My breath hitched as I didn't dare to move or open my eyes. The creaking sound of the door being opened startles me. I stiffed when I heard steps coming toward me. The presence is enough for me to know that it's Desmond. I can easily recognize the smell of his cologne. His scent filled my whole being with terror. I stopped breathing when I sense him moving close to me. I shivered at the zipping sound of my dress being closed. I felt suffocated from the lack of oxygen but, still, I don't flinch or did anything that alarms him that I am still awake.

Despite the fact, I am filled with fear, I remained still when I felt arms being wrapped around me as he lifted me and laid me on the bed.

I curled my toes to calm my anxious self. I felt him searching for something.

After a few seconds, I felt him pulling down my dress again. I froze in fright. What is he planning now? I felt a strange fluid being traced on my scars. He is applying an ointment. I sealed my mouth shut and breathing from the nose is difficult. It's so difficult to breathe. I took short but rapid breaths. I shudder by his every touch.

You can heal the scar on my back but not the scar on my heart...

I am too broken to feel the warmth of this affection. Right now, this touch is making me defile. I want him away from me as much as possible. My vulnerable form remained motionless as he applied the ointment. After applying, he pulled up the zipper.

I was so scared that my rapid breaths might not have made him aware that I am wide awake.

My tired eyes can't be opened. He then removed a strand of my hair from my face. I bit my cheeks as I felt his breath on my face. His breath is scaring me to no extent. I want him to get away from me as much as possible.
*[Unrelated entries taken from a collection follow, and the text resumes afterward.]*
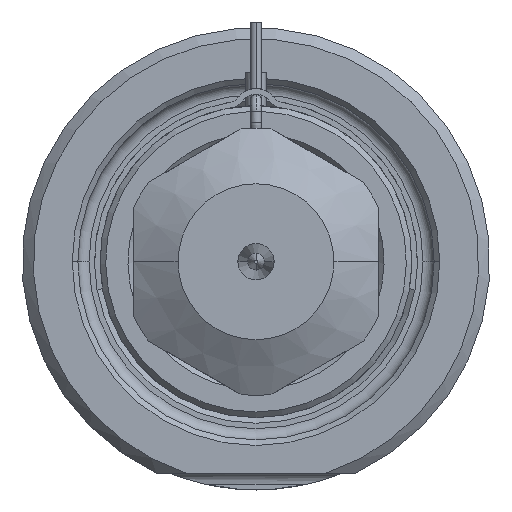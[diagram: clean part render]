
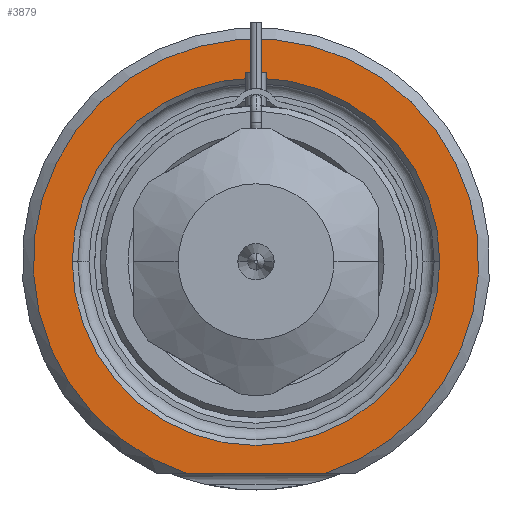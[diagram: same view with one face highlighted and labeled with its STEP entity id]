
A CAD part, front view. The second image highlights one B-rep face of the part: STEP entity #3879.
In plain terms, the highlighted planar face has unit normal (0, -1, 0).
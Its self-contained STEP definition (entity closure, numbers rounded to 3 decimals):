
#1=DIRECTION('',(1.,0.,0.));
#2=VECTOR('',#1,12.49);
#3=CARTESIAN_POINT('',(-6.245,0.,-19.));
#4=LINE('',#3,#2);
#5=CARTESIAN_POINT('',(0.,0.,0.));
#6=DIRECTION('',(0.,1.,0.));
#7=DIRECTION('',(-1.,0.,0.));
#8=AXIS2_PLACEMENT_3D('',#5,#6,#7);
#10=CARTESIAN_POINT('',(0.,0.,0.));
#11=DIRECTION('',(0.,1.,0.));
#12=DIRECTION('',(1.,0.,0.));
#13=AXIS2_PLACEMENT_3D('',#10,#11,#12);
#119=CARTESIAN_POINT('',(0.,0.,0.));
#120=DIRECTION('',(0.,-1.,0.));
#121=DIRECTION('',(0.312,0.,-0.95));
#122=AXIS2_PLACEMENT_3D('',#119,#120,#121);
#3251=CARTESIAN_POINT('',(-16.5,0.,0.));
#3252=CARTESIAN_POINT('',(16.5,0.,0.));
#3253=VERTEX_POINT('',#3251);
#3254=VERTEX_POINT('',#3252);
#3305=CARTESIAN_POINT('',(-6.245,0.,-19.));
#3306=CARTESIAN_POINT('',(6.245,0.,-19.));
#3307=VERTEX_POINT('',#3305);
#3308=VERTEX_POINT('',#3306);
#3862=CARTESIAN_POINT('',(0.,0.,0.));
#3863=DIRECTION('',(0.,-1.,0.));
#3864=DIRECTION('',(1.,0.,0.));
#3865=AXIS2_PLACEMENT_3D('',#3862,#3863,#3864);
#3866=PLANE('',#3865);
#3868=ORIENTED_EDGE('',*,*,#3867,.F.);
#3870=ORIENTED_EDGE('',*,*,#3869,.F.);
#3871=EDGE_LOOP('',(#3868,#3870));
#3872=FACE_OUTER_BOUND('',#3871,.F.);
#3874=ORIENTED_EDGE('',*,*,#3873,.F.);
#3876=ORIENTED_EDGE('',*,*,#3875,.F.);
#3877=EDGE_LOOP('',(#3874,#3876));
#3878=FACE_BOUND('',#3877,.F.);
#3879=ADVANCED_FACE('',(#3872,#3878),#3866,.T.);
#9=CIRCLE('',#8,16.5);
#14=CIRCLE('',#13,16.5);
#123=CIRCLE('',#122,20.);
#3867=EDGE_CURVE('',#3307,#3308,#4,.T.);
#3869=EDGE_CURVE('',#3308,#3307,#123,.T.);
#3873=EDGE_CURVE('',#3253,#3254,#9,.T.);
#3875=EDGE_CURVE('',#3254,#3253,#14,.T.);

His lips brush against my cheeks. He kissed them with such tenderness, I never felt before.

"Happy Anniversary, Love. This completes our 450th kiss..." My heart froze. I can't believe what my ears are hearing. 450th!? To me, it's 27th. Is it a lie as well? And, he called me love! Please, someone, get him away. He is terrifying me.

"I am sorry. I broke my promise.. I am so sorry that you have a pathetic guy like me in your life. Me, who is so weak that I couldn't even protect you..." His voice was filled with hurt. His voice was so desperate as if he was on the verge of crying. "So vulnerable that I hurt you... let him manipulate me and do this to you. I am the worst for doing this to you. I was powerless before him..."

What is the point of showing love behind my back, which rarely will have any effect on me...

I heard him sniff. He is trying not to cry. A tear pricked in the corner of my eye but I didn't let it fall. Then the truck of realization hit me that,

It's that same sweet toxic voice I love. My body stiff as I denied that truth from the bottom of my heart. I don't want to believe it. This can't be happening. That voice was filled with love unlike his. I will never accept the fact that the voice I want to run away with is his. He can never love anyone.

"I am sorry. I am so sorry, love. For breaking my promise. For ruining the day you are eagerly waiting for.." He continued. I clutched the duvet tightly. He was sitting on the ground. I know that and my back is facing him.

"You know..I tried my best to make it 500. But, you were always alarmed. I only get my chance to kiss you or talk to you in your sleep..." He continued talking to me. Stop it!